> [INSTRUCTIONS FOR THE TASK] Your answer should be every line with the word "drawing", copied from the data below.
== Segment start ==
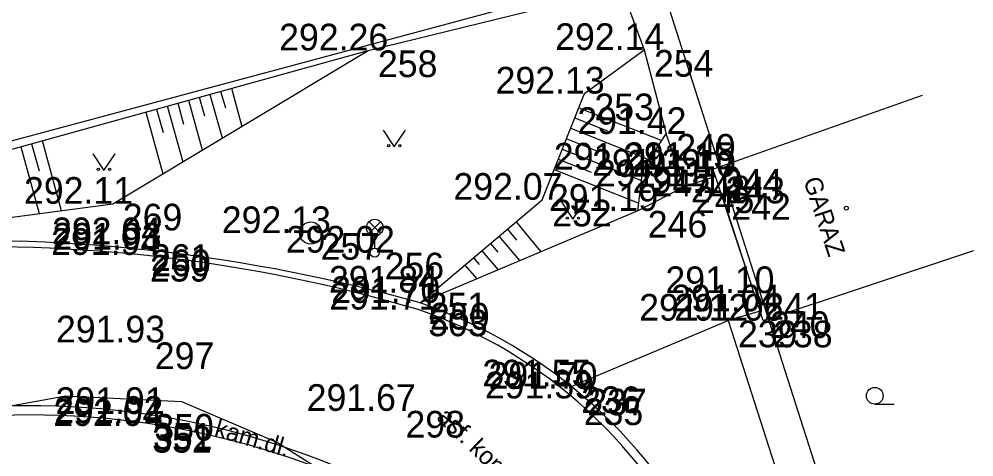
# Model space of a CAD drawing. Extents: x -599970 to -599524, y -1154772 to -1154457.
# Drawn here: x -599739.51 to -599718.03, y -1154670.86 to -1154661 of the extents above; entities that cross this region are included whole.
import ezdxf

# ---------------------------------------------------------------- set-up
doc = ezdxf.new("R2010")
doc.units = 0
for name, color, linetype in [('Z-BUDOVY', 7, 'Continuous'), ('Z-ELEKTRICKE SKRINE LAMPY', 7, 'Continuous'), ('Z-KANALIZACNI SACHTY VPUSTI', 7, 'Continuous'), ('Z-KATASTRALNI MAPA', 7, 'Continuous'), ('Z-PLOT DRATENY', 7, 'Continuous'), ('Z-PODROBNE BODY', 7, 'Continuous'), ('Z-PODROBNE BODY-CISLO', 7, 'Continuous'), ('Z-PODROBNE BODY-VYSKA', 7, 'Continuous'), ('Z-POPISY OBJEKTU A ZPEVNENYCH PLOCH', 7, 'Continuous'), ('Z-SCHODY', 7, 'Continuous'), ('Z-SRAFOVANI SVAHU', 7, 'Continuous'), ('Z-STROMY ZNACKY KULTUR', 7, 'Continuous'), ('Z-TERENNI HRANY PATY', 7, 'Continuous'), ('Z-VSTUPY VJEZDY', 7, 'Continuous'), ('Z-ZPEVNENE PLOCHY', 7, 'Continuous')]:
    doc.layers.add(name, color=color, linetype=linetype)

msp = doc.modelspace()

# ---------------------------------------------------------------- linework, layer by layer
at = {"layer": 'Z-BUDOVY'}
for p, q in [((-599723.9, -1154664.38), (-599719.19, -1154662.72)), ((-599722.77, -1154667.79), (-599718.03, -1154666.21))]:
    msp.add_line(p, q, dxfattribs=at)
msp.add_lwpolyline([(-599722.77, -1154667.79), (-599722.84, -1154667.58), (-599723.84, -1154664.55), (-599723.9, -1154664.38)], dxfattribs=at)
at = {"layer": 'Z-ELEKTRICKE SKRINE LAMPY'}
for p, q in [((-599731.642, -1154665.829), (-599731.378, -1154665.565)), ((-599731.374, -1154665.828), (-599731.638, -1154665.563)), ((-599731.51, -1154666.16), (-599731.51, -1154665.885))]:
    msp.add_line(p, q, dxfattribs=at)
for centre, radius in [((-599731.51, -1154665.698), 0.188), ((-599731.51, -1154666.26), 0.1)]:
    msp.add_circle(centre, radius, dxfattribs=at)
at = {"layer": 'Z-KANALIZACNI SACHTY VPUSTI'}
msp.add_circle((-599732.95, -1154665.82), 0.25, dxfattribs=at)
at = {"layer": 'Z-KATASTRALNI MAPA'}
for q in [(-599770.56, -1154672.04), (-599721.27, -1154672.07)]:
    msp.add_line((-599725.18, -1154659.85), q, dxfattribs=at)
msp.add_lwpolyline([(-599834.98, -1154699.48), (-599751.66, -1154673.18), (-599740.79, -1154669.9), (-599738.46, -1154669.48), (-599735.86, -1154669.61), (-599733.7, -1154670.53), (-599731.62, -1154671.85), (-599729.9, -1154673.34)], dxfattribs=at)
at = {"layer": 'Z-PLOT DRATENY'}
for points in [[(-599790.59, -1154625.68), (-599789.41, -1154629.89), (-599785.15, -1154644.86), (-599782.34, -1154653.87), (-599779.13, -1154664.86), (-599776.51, -1154673.7), (-599770.19, -1154672.08), (-599762.65, -1154670.15), (-599753.18, -1154667.49), (-599743.82, -1154665.08), (-599731.66, -1154661.71), (-599725.96, -1154660.31)], [(-599725.96, -1154660.31), (-599725.45, -1154661.7), (-599724.95, -1154663.59)], [(-599723.84, -1154664.55), (-599724.53, -1154664.77), (-599724.62, -1154664.53)], [(-599722.84, -1154667.58), (-599723.56, -1154667.79), (-599721.98, -1154672.69), (-599721.73, -1154673.41)]]:
    msp.add_lwpolyline(points, dxfattribs=at)
at = {"layer": 'Z-PODROBNE BODY'}
for p, q in [((-599731.66, -1154661.71), (-599731.66, -1154661.71)), ((-599725.45, -1154661.7), (-599725.45, -1154661.7)), ((-599726.79, -1154662.68), (-599726.79, -1154662.68)), ((-599724.95, -1154663.59), (-599724.95, -1154663.59)), ((-599725.48, -1154664.39), (-599725.48, -1154664.39)), ((-599723.9, -1154664.38), (-599723.9, -1154664.38)), ((-599724.62, -1154664.53), (-599724.62, -1154664.53)), ((-599723.84, -1154664.55), (-599723.84, -1154664.55)), ((-599724.53, -1154664.77), (-599724.53, -1154664.77)), ((-599727.74, -1154665.07), (-599727.74, -1154665.07)), ((-599723.71, -1154664.92), (-599723.71, -1154664.92)), ((-599737.4, -1154665.16), (-599737.4, -1154665.16)), ((-599725.59, -1154665.32), (-599725.59, -1154665.32)), ((-599732.95, -1154665.82), (-599732.95, -1154665.82)), ((-599736.77, -1154666.07), (-599736.77, -1154666.07)), ((-599736.76, -1154666.19), (-599736.76, -1154666.19)), ((-599736.79, -1154666.31), (-599736.79, -1154666.31)), ((-599731.51, -1154666.26), (-599731.51, -1154666.26)), ((-599730.54, -1154667.16), (-599730.54, -1154667.16)), ((-599722.97, -1154667.17), (-599722.97, -1154667.17)), ((-599730.49, -1154667.39), (-599730.49, -1154667.39)), ((-599730.53, -1154667.54), (-599730.53, -1154667.54)), ((-599722.84, -1154667.58), (-599722.84, -1154667.58)), ((-599723.56, -1154667.79), (-599723.56, -1154667.79)), ((-599722.77, -1154667.79), (-599722.77, -1154667.79)), ((-599736.68, -1154668.28), (-599736.68, -1154668.28)), ((-599727.09, -1154669.27), (-599727.09, -1154669.27)), ((-599726.95, -1154669.32), (-599726.95, -1154669.32)), ((-599727.03, -1154669.54), (-599727.03, -1154669.54)), ((-599731.04, -1154669.82), (-599731.04, -1154669.82)), ((-599736.69, -1154669.89), (-599736.69, -1154669.89)), ((-599736.74, -1154670.16), (-599736.74, -1154670.16)), ((-599736.72, -1154670.09), (-599736.72, -1154670.09))]:
    msp.add_line(p, q, dxfattribs=at)
at = {"layer": 'Z-SCHODY'}
msp.add_circle((-599720.9, -1154665.26), 0.0438, dxfattribs=at)
at = {"layer": 'Z-SRAFOVANI SVAHU'}
for points in [[(-599735.46, -1154662.76), (-599735.34, -1154663.18)], [(-599735.22, -1154662.7), (-599734.94, -1154663.68)], [(-599734.98, -1154662.63), (-599734.87, -1154663)], [(-599734.73, -1154662.56), (-599734.5, -1154663.42)], [(-599736.18, -1154662.96), (-599735.83, -1154664.22)], [(-599735.94, -1154662.9), (-599735.81, -1154663.37)], [(-599735.7, -1154662.83), (-599735.39, -1154663.95)], [(-599736.66, -1154663.1), (-599736.28, -1154664.49)], [(-599736.42, -1154663.03), (-599736.27, -1154663.56)], [(-599726.92, -1154663), (-599725.05, -1154663.74)], [(-599727.01, -1154663.23), (-599726.28, -1154663.52)], [(-599727.1, -1154663.46), (-599725.33, -1154664.17)], [(-599739.23, -1154663.81), (-599739.06, -1154664.42)], [(-599738.99, -1154663.74), (-599738.56, -1154665.31)], [(-599727.19, -1154663.7), (-599726.51, -1154663.97)], [(-599739.47, -1154663.88), (-599739.06, -1154665.38)], [(-599727.29, -1154663.93), (-599725.51, -1154664.64)], [(-599727.38, -1154664.16), (-599726.64, -1154664.45)], [(-599727.47, -1154664.39), (-599725.57, -1154665.15)], [(-599728.52, -1154665.73), (-599728.32, -1154665.98)], [(-599728.33, -1154665.57), (-599727.77, -1154666.24)], [(-599728.72, -1154665.89), (-599728.25, -1154666.44)], [(-599728.91, -1154666.05), (-599728.74, -1154666.25)], [(-599729.29, -1154666.38), (-599729.16, -1154666.53)], [(-599729.1, -1154666.22), (-599728.73, -1154666.65)], [(-599729.48, -1154666.54), (-599729.21, -1154666.85)]]:
    msp.add_lwpolyline(points, dxfattribs=at)
at = {"layer": 'Z-STROMY ZNACKY KULTUR'}
msp.add_line((-599720.26, -1154669.668), (-599719.822, -1154669.668), dxfattribs=at)
for points in [[(-599731.32, -1154663.505), (-599731.07, -1154663.88), (-599730.82, -1154663.505)], [(-599737.85, -1154664.035), (-599737.6, -1154664.41), (-599737.35, -1154664.035)], [(-599727.3, -1154665.135), (-599727.05, -1154665.51), (-599726.8, -1154665.135)]]:
    msp.add_lwpolyline(points, dxfattribs=at)
for centre, radius in [((-599731.195, -1154663.855), 0.025), ((-599730.945, -1154663.855), 0.025), ((-599737.725, -1154664.385), 0.025), ((-599737.475, -1154664.385), 0.025), ((-599727.175, -1154665.485), 0.025), ((-599726.925, -1154665.485), 0.025), ((-599720.26, -1154669.48), 0.188)]:
    msp.add_circle(centre, radius, dxfattribs=at)
at = {"layer": 'Z-TERENNI HRANY PATY'}
for points in [[(-599742.26, -1154667.02), (-599742.5, -1154665.84), (-599737.4, -1154665.16), (-599731.66, -1154661.71)], [(-599730.49, -1154667.39), (-599727.74, -1154665.07), (-599726.79, -1154662.68), (-599725.45, -1154661.7)]]:
    msp.add_lwpolyline(points, dxfattribs=at)
at = {"layer": 'Z-VSTUPY VJEZDY'}
for points in [[(-599724.62, -1154664.53), (-599724.95, -1154663.59)], [(-599722.97, -1154667.17), (-599723.71, -1154664.92)]]:
    msp.add_lwpolyline(points, dxfattribs=at)
at = {"layer": 'Z-ZPEVNENE PLOCHY'}
for points in [[(-599725.59, -1154665.32), (-599725.48, -1154664.39), (-599724.95, -1154663.59)], [(-599724.53, -1154664.77), (-599725.59, -1154665.32), (-599730.49, -1154667.39)], [(-599727.09, -1154669.27), (-599723.56, -1154667.79)]]:
    msp.add_lwpolyline(points, dxfattribs=at)
for centre, radius, start, end in [((-599740.676, -1154703.63), 37.644, 74.3013, 92.4426), ((-599740.37, -1154701.075), 34.949, 73.647, 92.8702), ((-599734.212, -1154678.135), 11.372, 25.0528, 70.8958), ((-599734.095, -1154677.842), 10.901, 24.0446, 70.9101), ((-599739.28, -1154687.811), 18.107, 64.483, 98.8632), ((-599739.271, -1154688.14), 18.229, 64.7672, 98.4821)]:
    msp.add_arc(centre, radius, start, end, dxfattribs=at)

# ---------------------------------------------------------------- texts
at = {"layer": 'Z-PODROBNE BODY-CISLO'}
for s, p in [(' 254', (-599725.45, -1154662.3)), (' 258', (-599731.66, -1154662.31)), (' 253', (-599726.79, -1154663.28)), (' 249', (-599724.95, -1154664.19)), (' 247', (-599725.48, -1154664.99)), (' 244', (-599723.9, -1154664.98)), (' 248', (-599724.62, -1154665.13)), (' 243', (-599723.84, -1154665.15)), (' 245', (-599724.53, -1154665.37)), (' 242', (-599723.71, -1154665.52)), (' 252', (-599727.74, -1154665.67)), (' 269', (-599737.4, -1154665.76)), (' 246', (-599725.59, -1154665.92)), (' 257', (-599732.95, -1154666.42)), (' 261', (-599736.77, -1154666.67)), (' 260', (-599736.76, -1154666.79)), (' 259', (-599736.79, -1154666.91)), (' 256', (-599731.51, -1154666.86)), (' 251', (-599730.54, -1154667.76)), (' 241', (-599722.97, -1154667.77)), (' 250', (-599730.49, -1154667.99)), (' 503', (-599730.53, -1154668.14)), (' 240', (-599722.84, -1154668.18)), (' 239', (-599723.56, -1154668.39)), (' 238', (-599722.77, -1154668.39)), (' 297', (-599736.68, -1154668.88)), (' 236', (-599727.09, -1154669.87)), (' 237', (-599726.95, -1154669.92)), (' 235', (-599727.03, -1154670.14)), (' 298', (-599731.04, -1154670.42)), (' 350', (-599736.69, -1154670.49)), (' 352', (-599736.74, -1154670.76)), (' 351', (-599736.72, -1154670.69))]:
    msp.add_text(s, height=0.6, dxfattribs=at).set_placement(p)
at = {"layer": 'Z-PODROBNE BODY-VYSKA'}
for s, p in [('292.26 ', (-599733.66, -1154661.71)), ('292.14 ', (-599727.45, -1154661.7)), ('292.13 ', (-599728.79, -1154662.68)), ('291.42 ', (-599726.95, -1154663.59)), ('291.21 ', (-599727.48, -1154664.39)), ('291.15 ', (-599725.9, -1154664.38)), ('291.39 ', (-599726.62, -1154664.53)), ('291.10 ', (-599725.84, -1154664.55)), ('291.11 ', (-599726.53, -1154664.77)), ('292.07 ', (-599729.74, -1154665.07)), ('291.10 ', (-599725.71, -1154664.92)), ('292.11 ', (-599739.4, -1154665.16)), ('291.19 ', (-599727.59, -1154665.32)), ('292.13 ', (-599734.95, -1154665.82)), ('292.04 ', (-599738.77, -1154666.07)), ('291.94 ', (-599738.79, -1154666.31)), ('291.93 ', (-599738.76, -1154666.19)), ('292.02 ', (-599733.51, -1154666.26)), ('291.84 ', (-599732.54, -1154667.16)), ('291.10 ', (-599724.97, -1154667.17)), ('291.70 ', (-599732.49, -1154667.39)), ('291.71 ', (-599732.53, -1154667.54)), ('291.04 ', (-599724.84, -1154667.58)), ('291.12 ', (-599725.56, -1154667.79)), ('291.06 ', (-599724.77, -1154667.79)), ('291.93 ', (-599738.68, -1154668.28)), ('291.55 ', (-599729.09, -1154669.27)), ('291.70 ', (-599728.95, -1154669.32)), ('291.59 ', (-599729.03, -1154669.54)), ('291.67 ', (-599733.04, -1154669.82)), ('291.91 ', (-599738.69, -1154669.89)), ('292.04 ', (-599738.74, -1154670.16)), ('291.92 ', (-599738.72, -1154670.09))]:
    msp.add_text(s, height=0.6, dxfattribs=at).set_placement(p)
at = {"layer": 'Z-POPISY OBJEKTU A ZPEVNENYCH PLOCH'}
for s, rotation, p in [('GARAZ', 288.2055, (-599721.87, -1154664.63)), ('asf. komunikace', 316.0414, (-599730.14, -1154669.99)), ('kam.dl.', 343.6733, (-599735.14, -1154670.38))]:
    msp.add_text(s, height=0.4, rotation=rotation, dxfattribs=at).set_placement(p)

doc.saveas('drawing.dxf')
== Segment end ==
> [TASK RESULT]
# Model space of a CAD drawing. Extents: x -599970 to -599524, y -1154772 to -1154457.
doc.saveas('drawing.dxf')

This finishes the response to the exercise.